Unwissende Unternehmen finden sich häufig in der Rolle des „Distributors“ oder des „Buffers“ wieder, da auf dieser Rolle das größte Risiko lastet. Der Distributor verkauft am Anfang eine Ware ins EU-Ausland und bringt das Karussell zum Drehen. Oder das unwissende Unternehmen kauft als „Buffer“ eine besonders billige Ware zu marktunüblichen Preisen ein, welche aus einem Karussell stammt und hält es damit am Laufen. Leider schützt Unwissenheit nicht vor Strafe. Deshalb ist es ratsam, sich in solchen Fällen kompetente rechtliche Beratung zu suchen und eine ordentliche Buchführung im Unternehmen zu gewährleisten.

6. Beispielmaßnahmen gegen Umsatz­steuer­karusselle

Gegenmaßnahmen zu Umsatzsteuerkarusselllen aus den Beispielen

ChatGPT: @ KI generiert

In Deutschland gab es in der jüngeren Vergangenheit mehrere Versuche von Gegenmaßnahmen, um Umsatzsteuerkarusselle wie in den genannten Beispielen zu verhindern. Eine davon ist die Aussetzung des Vorsteuerabzugs auf bestimmte Waren. Dazu zählten zeitweise Produkte wie Mobiltelefone, einzelne Chips oder Prozessoren. Eine weitere Gegenmaßnahme war die Einführung eines „Reverse-Charge-Verfahrens“ bei der Erwerbsbesteuerung. Unter gewissen Voraussetzungen kann sich so die Umsatzsteuerlast vom leistenden Unternehmer auf den Leistungsempfänger übertragen.

Zur Info: Warum diese Art von Betrug so schwer aufzudecken ist

      • Vielzahl an Beteiligten: bevor alle Beteiligten erfasst sind, sind einige schon wieder vom Markt verschwunden
      • grenzüberschreitende Transaktionen: diese machen eine grenzüberschreitende Zusammenarbeit von Behörden nötig, bei denen unterschiedliche Rahmenbedingungen und UStG die Aufklärung erschweren
      • fehlende Informationen: bei internationalen Transaktionsketten können die nötigen Informationen aus anderen Ländern fehlen
      • schwache EU-Gesetze: auf starke EU-weite Maßnahmen konnte sich bisher nicht geeinigt werden

7. Fazit zu den Beispielen von Umsatz­steuer­karussellen

Karussellgeschäfte wie in den vorgestellten Beispielen kosten den Staat jährlich geschätzte 50 Milliarden Euro.

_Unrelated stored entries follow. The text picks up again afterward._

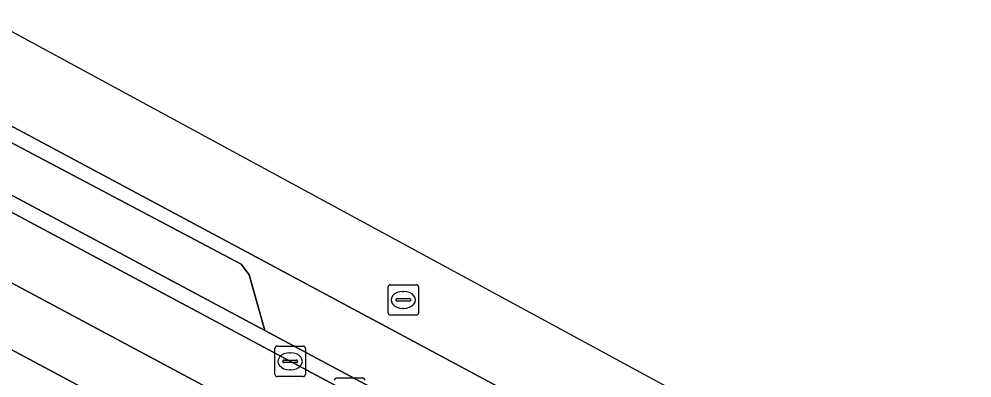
# Model space of a CAD drawing. Extents: x 159262 to 160143, y 383399 to 384319.
# Drawn here: x 159776.11 to 159807.39, y 383989.99 to 384001.77 of the extents above; entities that cross this region are included whole.
import ezdxf

# ---------------------------------------------------------------- set-up
doc = ezdxf.new("R2010")
doc.units = 0
for name, color, linetype in [('IMGEO_Berm_open', 7, 'Continuous'), ('IMGEO_Erf', 7, 'Continuous'), ('IMGEO_Fietspad_gesloten', 7, 'Continuous'), ('IMGEO_Parkeervlak_open', 7, 'Continuous'), ('IMGEO_Rijbaan_lokaal_gesloten', 7, 'Continuous'), ('IMGEO_Rioolput', 7, 'Continuous'), ('IMGEO_Verkeerseiland_open', 7, 'Continuous'), ('IMGEO_Voetpad_open', 7, 'Continuous')]:
    doc.layers.add(name, color=color, linetype=linetype)

msp = doc.modelspace()

# ---------------------------------------------------------------- linework, layer by layer
at = {"layer": 'IMGEO_Berm_open'}
msp.add_lwpolyline([(159775.422, 383997.933), (159775.009, 383997.994), (159773.209, 383997.4), (159784.17, 383991.55), (159783.656, 383993.378), (159783.403, 383993.722)], close=True, dxfattribs=at)
at = {"layer": 'IMGEO_Erf'}
msp.add_lwpolyline([(159774.115, 383977.461), (159780.198, 383988.588), (159764.569, 383996.954)], dxfattribs=at)
at = {"layer": 'IMGEO_Fietspad_gesloten'}
msp.add_lwpolyline([(159637.547, 384066.886), (159678.317, 384045.287), (159706.724, 384030.091), (159782.916, 383989.334), (159785.314, 383988.052), (159786.588, 383987.371), (159800.678, 383979.816), (159802.382, 383978.898), (159806.209, 383976.854), (159811.759, 383973.873), (159815.384, 383972.277), (159818.103, 383970.845), (159878.488, 383938.609), (159879.571, 383940.642), (159821.924, 383971.407), (159817.239, 383973.81), (159812.887, 383975.929), (159812.762, 383975.674), (159811.755, 383976.132), (159807.769, 383978.315), (159805.944, 383979.316), (159802.985, 383980.918), (159679.545, 384046.947)], dxfattribs=at)
at = {"layer": 'IMGEO_Parkeervlak_open'}
for points in [[(159803.987, 383983.19), (159783.569, 383994.131), (159680.867, 384049.101), (159650.703, 384065.122)], [(159653.135, 384061.625), (159773.209, 383997.4), (159775.009, 383997.994), (159775.422, 383997.933), (159783.403, 383993.722), (159783.656, 383993.378), (159784.17, 383991.55), (159799.823, 383983.174), (159800.328, 383983.06), (159802.664, 383983.467)]]:
    msp.add_lwpolyline(points, dxfattribs=at)
at = {"layer": 'IMGEO_Rijbaan_lokaal_gesloten'}
msp.add_lwpolyline([(159639.282, 384069.302), (159650.703, 384065.122), (159680.867, 384049.101), (159783.569, 383994.131), (159803.987, 383983.19), (159804.103, 383983.128), (159805.451, 383985.323), (159805.451, 383985.323), (159695.057, 384045.182)], dxfattribs=at)
at = {"layer": 'IMGEO_Rioolput'}
for p, q in [((159788.221, 383992.125), (159788.221, 383992.977)), ((159788.296, 383993.051), (159789.148, 383993.051)), ((159789.222, 383992.977), (159789.222, 383992.125)), ((159788.709, 383992.831), (159788.734, 383992.831)), ((159788.48, 383992.545), (159788.48, 383992.557)), ((159788.918, 383992.508), (159788.52, 383992.508)), ((159788.523, 383992.594), (159788.921, 383992.594)), ((159788.964, 383992.557), (159788.964, 383992.545)), ((159789.148, 383992.051), (159788.296, 383992.051)), ((159788.732, 383992.271), (159788.707, 383992.271)), ((159784.505, 383990.109), (159784.505, 383990.961)), ((159784.58, 383991.035), (159785.432, 383991.035)), ((159784.993, 383990.815), (159785.018, 383990.815)), ((159785.506, 383990.961), (159785.506, 383990.109)), ((159784.764, 383990.529), (159784.764, 383990.541)), ((159785.202, 383990.492), (159784.804, 383990.492)), ((159784.807, 383990.578), (159785.205, 383990.578)), ((159785.248, 383990.541), (159785.248, 383990.529)), ((159785.016, 383990.255), (159784.991, 383990.255)), ((159785.432, 383990.035), (159784.58, 383990.035)), ((159786.535, 383989.989), (159787.387, 383989.989))]:
    msp.add_line(p, q, dxfattribs=at)
for points in [[(159788.221, 383992.125), (159788.221, 383992.977)], [(159788.296, 383993.051), (159789.148, 383993.051)], [(159789.222, 383992.977), (159789.222, 383992.125)], [(159789.148, 383992.051), (159788.296, 383992.051)], [(159784.505, 383990.109), (159784.505, 383990.961)], [(159784.58, 383991.035), (159785.432, 383991.035)], [(159785.506, 383990.961), (159785.506, 383990.109)], [(159785.432, 383990.035), (159784.58, 383990.035)], [(159786.535, 383989.989), (159787.387, 383989.989)]]:
    msp.add_lwpolyline(points, dxfattribs=at)
for centre, radius, start, end in [((159788.298, 383992.975), 0.0765, 91.552, 178.448), ((159788.298, 383992.975), 0.0765, 91.552, 178.448), ((159789.146, 383992.975), 0.0765, 1.552, 88.448), ((159789.146, 383992.975), 0.0765, 1.552, 88.448), ((159788.52, 383992.554), 0.0403, 85.8775, 175.7526), ((159788.517, 383992.544), 0.0366, 178.938, 274.7102), ((159788.921, 383992.551), 0.043, 264.8664, 352.4533), ((159788.925, 383992.556), 0.0386, 1.7309, 96.639), ((159788.298, 383992.127), 0.0765, 181.552, 268.448), ((159788.298, 383992.127), 0.0765, 181.552, 268.448), ((159789.146, 383992.127), 0.0765, 271.552, 358.448), ((159789.146, 383992.127), 0.0765, 271.552, 358.448), ((159784.582, 383990.959), 0.0765, 91.552, 178.448), ((159784.582, 383990.959), 0.0765, 91.552, 178.448), ((159785.43, 383990.959), 0.0765, 1.552, 88.448), ((159785.43, 383990.959), 0.0765, 1.552, 88.448), ((159784.804, 383990.538), 0.0403, 85.8775, 175.7526), ((159784.801, 383990.528), 0.0366, 178.938, 274.7102), ((159785.205, 383990.535), 0.043, 264.8664, 352.4533), ((159785.209, 383990.54), 0.0386, 1.7309, 96.639), ((159784.582, 383990.111), 0.0765, 181.552, 268.448), ((159784.582, 383990.111), 0.0765, 181.552, 268.448), ((159785.43, 383990.111), 0.0765, 271.552, 358.448), ((159785.43, 383990.111), 0.0765, 271.552, 358.448), ((159786.537, 383989.913), 0.0765, 91.552, 178.448), ((159786.537, 383989.913), 0.0765, 91.552, 178.448), ((159787.385, 383989.913), 0.0765, 1.552, 88.448), ((159787.385, 383989.913), 0.0765, 1.552, 88.448)]:
    msp.add_arc(centre, radius, start, end, dxfattribs=at)
for centre, major_axis, ratio, start_param, end_param in [((159788.708, 383992.551), (-0.387, 0.002), 0.722429, 4.712389, 7.853982), ((159788.733, 383992.551), (-0.39, 0.002), 0.717154, 1.570796, 4.712389), ((159784.992, 383990.535), (-0.387, 0.002), 0.722429, 4.712389, 7.853982), ((159785.017, 383990.535), (-0.39, 0.002), 0.717154, 1.570796, 4.712389)]:
    msp.add_ellipse(centre, major_axis=major_axis, ratio=ratio, start_param=start_param, end_param=end_param, dxfattribs=at)
at = {"layer": 'IMGEO_Verkeerseiland_open'}
for points in [[(159639.603, 384068.019), (159679.545, 384046.947), (159802.985, 383980.918)], [(159802.664, 383983.467), (159800.328, 383983.06), (159799.823, 383983.174), (159784.17, 383991.55), (159773.209, 383997.4), (159653.135, 384061.625)]]:
    msp.add_lwpolyline(points, dxfattribs=at)
at = {"layer": 'IMGEO_Voetpad_open'}
for points in [[(159782.916, 383989.334), (159706.724, 384030.091)], [(159755.224, 384001.954), (159759.168, 383999.843), (159759.888, 383999.458), (159764.569, 383996.954), (159780.198, 383988.588), (159782.751, 383987.322), (159783.253, 383988.239)]]:
    msp.add_lwpolyline(points, dxfattribs=at)

doc.saveas('drawing.dxf')
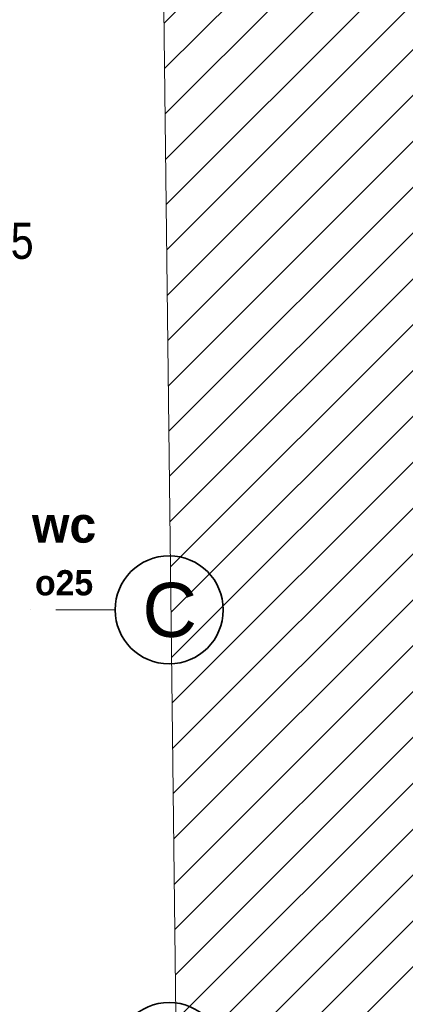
# Model space of a CAD drawing. Header units: millimetres. Extents: x -1465 to 393277, y -3788 to 454312.
# Tile 579 of 656: x 379040 to 381180, y 80689 to 86155. Entities that reach past the tile are written whole.
import ezdxf

# ---------------------------------------------------------------- set-up
doc = ezdxf.new("R2010")
doc.units = ezdxf.units.MM
doc.linetypes.add('Kropki i Kreski', pattern=[6.702778, 3.527778, -1.763889, 0, -1.411111])
doc.layers.add('2D - Rysunki i Obrazki', color=8, linetype='Continuous')
doc.layers.add('Konstrukcja - Siatka mod', color=8, linetype='Continuous')
doc.layers.add('\xa0♦EL - Gniazda (opis)', color=1, linetype='Continuous', lineweight=18)
doc.styles.add('Arial Narrow', font='ARIALN.TTF')
doc.styles.add('STYL_AUTOMATYCZNY_1', font='ARIALN.TTF')
doc.styles.add('STYL_AUTOMATYCZNY_11', font='ARIALN.TTF')

msp = doc.modelspace()

# ---------------------------------------------------------------- hatches: boundary and pattern name
at = {"linetype": 'Continuous', "lineweight": 15}
h = msp.add_hatch(dxfattribs=at)
h.set_pattern_fill('Bloczki_ceramiczne_0006', color=8, style=0, pattern_type=2)
h.set_pattern_definition([(45, (120894.27, 364306.62), (-127.27922, 127.27922), [])])
h.paths.add_polyline_path([(379781.7, 91183.9), (379971.8, 75195.6), (380112.8, 74998.5), (382734.7, 74992.5), (382734.7, 91167.6)])

# ---------------------------------------------------------------- linework, layer by layer
at = {"color": 8, "linetype": 'Continuous', "lineweight": 13, "ltscale": 100, "flags": 128}
msp.add_lwpolyline([(379781.7, 91183.9), (379971.8, 75195.6), (380112.8, 74998.5), (382734.7, 74992.5), (382734.7, 91167.6)], close=True, dxfattribs=at)
at = {"layer": 'Konstrukcja - Siatka mod', "color": 8, "linetype": 'Kropki i Kreski', "lineweight": 13, "ltscale": 100}
msp.add_line((378569.9, 82878.9), (379569.9, 82878.9), dxfattribs=at)
at = {"layer": 'Konstrukcja - Siatka mod', "color": 8, "linetype": 'Continuous', "lineweight": 35, "ltscale": 100}
for centre in [(379869.9, 82878.9), (379869.9, 80398.9)]:
    msp.add_circle(centre, 300, dxfattribs=at)

# ---------------------------------------------------------------- texts
at = {"layer": '2D - Rysunki i Obrazki', "color": 8, "linetype": 'Continuous', "lineweight": 35, "insert": (379286.7, 82957.3), "char_height": 200, "attachment_point": 8, "line_spacing_factor": 1.057397, "style": 'STYL_AUTOMATYCZNY_11'}
msp.add_mtext('\\A1;{\\pqc;\\fF1|b1|i0|c0|p0;\\W1.000000;w\\fF1|b1|i0|c0|p0;\\W1.000000;c\\P\\pqc;\\fF1|b1|i0|c0|p0;\\H0.700000x;\\W1.000000;o25}', dxfattribs=at)
at = {"layer": 'Konstrukcja - Siatka mod', "color": 8, "linetype": 'Continuous', "lineweight": 13, "insert": (379721.3, 83028.9), "char_height": 300, "attachment_point": 1, "style": 'STYL_AUTOMATYCZNY_1'}
msp.add_mtext('\\A1;{\\pql;\\pt0;\\fArial|b0|i0|c238|p0;\\W1.000000;C}', dxfattribs=at)
at = {"layer": '\xa0♦EL - Gniazda (opis)', "linetype": 'Continuous', "insert": (378633.9, 84926.1), "char_height": 200, "width": 1572.04, "attachment_point": 5, "line_spacing_factor": 0.7, "style": 'Arial Narrow'}
msp.add_mtext('\\C1;\\fArial Narrow|b0|i0;\\A1;RG5/G25\\C3;\\P', dxfattribs=at)

doc.saveas('drawing.dxf')

Diese Betrugssysteme aufzudecken ist allerdings leichter gesagt als getan. Durch komplizierte Strukturen mit mehreren, schnell verschwindenden Scheinfirmen ist es für die Justiz ein enormer Aufwand, diese Art von Betrug aufzudecken. Kommt es allerdings zu Verurteilungen, fallen die Strafen gravierend aus. Was in den Beispielen für Umsatzsteuerkarussellen auffällt: Es werden vor allem Waren gehandelt, die im höherpreisigen Segment liegen und einfach transportierbar sind. Wenn Sie sich mit einer Anschuldigung für einen Karussellbetrug konfrontiert sehen, ist ein Gang zur erfahrenen Steuerrechtskanzlei Ihres Vertrauens der nächste nötige Schritt. So können Sie ordentlich bei Behörden auftreten und eine bestmögliche Lösung für das Problem erarbeiten.